Dataset records

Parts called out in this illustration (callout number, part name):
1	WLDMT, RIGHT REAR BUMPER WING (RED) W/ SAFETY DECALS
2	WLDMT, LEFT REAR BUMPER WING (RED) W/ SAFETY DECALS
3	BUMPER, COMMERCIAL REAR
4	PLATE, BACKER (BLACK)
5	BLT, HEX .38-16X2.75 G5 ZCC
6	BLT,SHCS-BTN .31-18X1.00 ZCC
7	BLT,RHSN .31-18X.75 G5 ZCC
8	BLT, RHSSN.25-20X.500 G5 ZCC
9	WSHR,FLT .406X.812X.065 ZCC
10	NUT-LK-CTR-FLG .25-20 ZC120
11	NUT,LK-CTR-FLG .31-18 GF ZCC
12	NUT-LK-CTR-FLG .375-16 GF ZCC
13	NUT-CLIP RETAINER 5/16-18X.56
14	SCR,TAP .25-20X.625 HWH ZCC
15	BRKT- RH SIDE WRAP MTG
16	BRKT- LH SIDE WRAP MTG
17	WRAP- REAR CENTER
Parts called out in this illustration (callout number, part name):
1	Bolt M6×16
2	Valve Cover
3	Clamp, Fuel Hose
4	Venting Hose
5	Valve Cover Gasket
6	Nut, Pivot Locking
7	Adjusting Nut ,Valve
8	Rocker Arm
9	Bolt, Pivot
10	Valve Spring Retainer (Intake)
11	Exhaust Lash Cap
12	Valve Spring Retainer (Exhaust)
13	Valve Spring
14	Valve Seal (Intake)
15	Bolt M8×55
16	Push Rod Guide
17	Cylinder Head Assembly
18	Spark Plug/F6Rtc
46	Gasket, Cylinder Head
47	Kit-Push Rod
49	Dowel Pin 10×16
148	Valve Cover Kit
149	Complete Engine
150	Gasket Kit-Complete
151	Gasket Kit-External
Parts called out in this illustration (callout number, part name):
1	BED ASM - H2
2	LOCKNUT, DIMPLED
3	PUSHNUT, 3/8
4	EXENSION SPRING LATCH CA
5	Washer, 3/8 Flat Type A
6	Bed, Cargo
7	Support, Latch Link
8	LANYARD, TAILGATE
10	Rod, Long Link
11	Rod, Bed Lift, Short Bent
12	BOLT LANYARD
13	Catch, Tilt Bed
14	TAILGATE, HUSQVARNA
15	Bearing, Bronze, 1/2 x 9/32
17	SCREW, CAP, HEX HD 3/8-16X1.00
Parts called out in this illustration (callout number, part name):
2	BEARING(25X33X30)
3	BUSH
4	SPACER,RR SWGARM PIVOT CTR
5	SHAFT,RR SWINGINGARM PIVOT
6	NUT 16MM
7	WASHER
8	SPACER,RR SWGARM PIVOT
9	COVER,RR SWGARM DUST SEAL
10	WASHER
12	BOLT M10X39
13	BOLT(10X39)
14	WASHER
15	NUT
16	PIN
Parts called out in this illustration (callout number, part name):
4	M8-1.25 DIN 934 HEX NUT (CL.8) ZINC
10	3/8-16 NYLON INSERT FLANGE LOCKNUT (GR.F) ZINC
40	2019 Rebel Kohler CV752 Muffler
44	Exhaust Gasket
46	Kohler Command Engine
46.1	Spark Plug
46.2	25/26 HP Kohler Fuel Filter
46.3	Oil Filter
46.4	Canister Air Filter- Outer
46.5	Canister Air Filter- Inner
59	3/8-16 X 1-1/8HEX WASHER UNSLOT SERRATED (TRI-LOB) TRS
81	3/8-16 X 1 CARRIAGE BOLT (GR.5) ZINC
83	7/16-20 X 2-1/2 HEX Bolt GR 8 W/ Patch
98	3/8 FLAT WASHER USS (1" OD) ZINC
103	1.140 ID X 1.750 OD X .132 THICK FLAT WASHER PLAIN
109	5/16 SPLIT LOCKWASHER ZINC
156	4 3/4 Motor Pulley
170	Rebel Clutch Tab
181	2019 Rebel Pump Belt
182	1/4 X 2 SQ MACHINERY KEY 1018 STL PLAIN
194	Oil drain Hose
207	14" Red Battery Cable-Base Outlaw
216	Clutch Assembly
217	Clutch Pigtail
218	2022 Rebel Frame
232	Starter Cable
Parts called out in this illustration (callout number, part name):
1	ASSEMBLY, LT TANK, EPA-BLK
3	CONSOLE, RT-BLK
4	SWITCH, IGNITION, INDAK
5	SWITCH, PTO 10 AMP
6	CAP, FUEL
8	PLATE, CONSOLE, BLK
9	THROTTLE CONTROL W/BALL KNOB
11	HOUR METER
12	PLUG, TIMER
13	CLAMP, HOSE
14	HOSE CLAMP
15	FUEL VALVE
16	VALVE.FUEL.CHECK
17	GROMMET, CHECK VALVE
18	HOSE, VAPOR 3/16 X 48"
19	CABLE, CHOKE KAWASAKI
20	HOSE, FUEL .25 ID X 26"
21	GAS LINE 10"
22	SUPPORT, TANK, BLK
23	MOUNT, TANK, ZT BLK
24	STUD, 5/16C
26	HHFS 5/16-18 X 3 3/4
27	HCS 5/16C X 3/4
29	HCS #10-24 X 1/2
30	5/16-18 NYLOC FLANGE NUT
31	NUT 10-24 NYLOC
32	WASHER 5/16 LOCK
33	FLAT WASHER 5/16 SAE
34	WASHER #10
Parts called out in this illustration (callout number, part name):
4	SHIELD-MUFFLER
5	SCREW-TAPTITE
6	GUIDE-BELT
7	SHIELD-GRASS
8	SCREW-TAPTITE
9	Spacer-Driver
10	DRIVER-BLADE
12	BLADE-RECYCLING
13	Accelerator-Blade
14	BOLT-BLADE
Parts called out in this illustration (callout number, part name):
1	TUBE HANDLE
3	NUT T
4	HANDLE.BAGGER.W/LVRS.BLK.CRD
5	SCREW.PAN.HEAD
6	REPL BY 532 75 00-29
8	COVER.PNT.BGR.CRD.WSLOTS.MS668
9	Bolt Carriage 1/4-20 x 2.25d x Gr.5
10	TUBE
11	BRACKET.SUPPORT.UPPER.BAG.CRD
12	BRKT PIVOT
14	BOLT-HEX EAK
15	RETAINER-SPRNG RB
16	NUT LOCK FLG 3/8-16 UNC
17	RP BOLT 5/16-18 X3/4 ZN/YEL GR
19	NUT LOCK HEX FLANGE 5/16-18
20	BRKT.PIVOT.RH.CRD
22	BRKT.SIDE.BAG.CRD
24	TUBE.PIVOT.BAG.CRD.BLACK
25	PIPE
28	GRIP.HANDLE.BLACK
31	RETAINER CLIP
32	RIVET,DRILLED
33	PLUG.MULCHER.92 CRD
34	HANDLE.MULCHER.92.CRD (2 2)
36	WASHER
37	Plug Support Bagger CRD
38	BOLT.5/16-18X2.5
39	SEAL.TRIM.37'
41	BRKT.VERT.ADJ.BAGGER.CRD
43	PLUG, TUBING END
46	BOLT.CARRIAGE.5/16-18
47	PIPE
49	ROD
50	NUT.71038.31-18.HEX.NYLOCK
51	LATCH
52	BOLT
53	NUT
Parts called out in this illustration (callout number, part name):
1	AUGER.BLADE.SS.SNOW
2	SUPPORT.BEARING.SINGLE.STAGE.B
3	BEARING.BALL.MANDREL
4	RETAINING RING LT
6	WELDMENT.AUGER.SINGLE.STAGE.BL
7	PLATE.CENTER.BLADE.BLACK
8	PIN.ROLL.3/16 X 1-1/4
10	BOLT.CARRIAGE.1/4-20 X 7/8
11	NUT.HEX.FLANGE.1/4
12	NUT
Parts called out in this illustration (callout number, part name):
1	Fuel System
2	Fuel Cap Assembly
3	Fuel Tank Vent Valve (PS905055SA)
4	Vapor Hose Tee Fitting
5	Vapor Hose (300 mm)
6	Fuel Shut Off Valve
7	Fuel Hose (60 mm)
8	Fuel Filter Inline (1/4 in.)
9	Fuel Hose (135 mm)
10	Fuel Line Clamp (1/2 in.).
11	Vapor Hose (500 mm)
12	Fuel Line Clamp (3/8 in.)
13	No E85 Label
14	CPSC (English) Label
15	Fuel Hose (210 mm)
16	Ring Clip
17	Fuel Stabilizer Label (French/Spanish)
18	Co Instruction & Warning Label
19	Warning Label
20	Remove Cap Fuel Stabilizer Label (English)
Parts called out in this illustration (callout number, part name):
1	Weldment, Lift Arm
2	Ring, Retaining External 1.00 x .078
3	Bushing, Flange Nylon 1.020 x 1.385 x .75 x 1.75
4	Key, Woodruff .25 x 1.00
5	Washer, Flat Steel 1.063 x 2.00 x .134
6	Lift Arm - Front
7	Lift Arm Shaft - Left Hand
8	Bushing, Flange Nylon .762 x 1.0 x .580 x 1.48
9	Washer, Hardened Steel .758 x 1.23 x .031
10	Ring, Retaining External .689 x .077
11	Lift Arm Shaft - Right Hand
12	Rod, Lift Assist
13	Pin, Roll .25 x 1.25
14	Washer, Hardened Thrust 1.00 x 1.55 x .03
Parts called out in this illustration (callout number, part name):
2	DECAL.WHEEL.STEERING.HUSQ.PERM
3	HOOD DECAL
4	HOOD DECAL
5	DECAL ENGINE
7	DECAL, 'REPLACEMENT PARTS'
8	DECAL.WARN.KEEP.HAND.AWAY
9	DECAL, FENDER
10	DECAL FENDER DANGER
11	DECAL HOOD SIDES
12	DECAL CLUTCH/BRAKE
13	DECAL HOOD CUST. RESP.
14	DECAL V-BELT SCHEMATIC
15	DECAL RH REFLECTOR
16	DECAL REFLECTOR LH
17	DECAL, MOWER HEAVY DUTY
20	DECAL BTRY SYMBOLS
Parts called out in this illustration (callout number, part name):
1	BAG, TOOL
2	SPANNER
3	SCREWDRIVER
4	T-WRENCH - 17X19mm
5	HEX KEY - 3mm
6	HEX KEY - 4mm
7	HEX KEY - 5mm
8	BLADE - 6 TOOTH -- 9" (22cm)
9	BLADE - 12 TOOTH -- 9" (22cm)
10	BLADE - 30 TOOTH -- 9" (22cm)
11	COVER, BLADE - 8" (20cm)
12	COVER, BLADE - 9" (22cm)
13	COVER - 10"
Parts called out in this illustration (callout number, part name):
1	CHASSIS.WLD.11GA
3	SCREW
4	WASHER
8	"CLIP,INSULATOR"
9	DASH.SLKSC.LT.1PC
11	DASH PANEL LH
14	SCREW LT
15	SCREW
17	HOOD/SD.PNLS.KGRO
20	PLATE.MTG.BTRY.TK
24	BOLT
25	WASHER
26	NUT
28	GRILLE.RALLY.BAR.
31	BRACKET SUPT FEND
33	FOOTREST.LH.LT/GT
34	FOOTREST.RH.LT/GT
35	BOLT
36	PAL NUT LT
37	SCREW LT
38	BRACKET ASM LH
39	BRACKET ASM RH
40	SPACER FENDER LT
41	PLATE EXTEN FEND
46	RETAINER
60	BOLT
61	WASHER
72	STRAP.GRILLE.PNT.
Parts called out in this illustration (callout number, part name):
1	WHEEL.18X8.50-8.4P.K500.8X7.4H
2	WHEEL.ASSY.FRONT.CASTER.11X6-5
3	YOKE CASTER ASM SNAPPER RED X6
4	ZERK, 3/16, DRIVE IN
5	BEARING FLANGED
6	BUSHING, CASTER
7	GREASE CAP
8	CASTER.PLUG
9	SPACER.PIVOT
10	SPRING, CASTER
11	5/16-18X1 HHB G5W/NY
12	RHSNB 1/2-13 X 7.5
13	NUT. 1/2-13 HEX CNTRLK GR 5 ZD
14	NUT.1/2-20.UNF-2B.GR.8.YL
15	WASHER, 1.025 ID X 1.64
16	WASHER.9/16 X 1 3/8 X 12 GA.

--- TASK DETAILS ---
Lines with the string "STAGE" in the data above: say how many there are, giving the number alone.

--- ANSWER BOX ---
2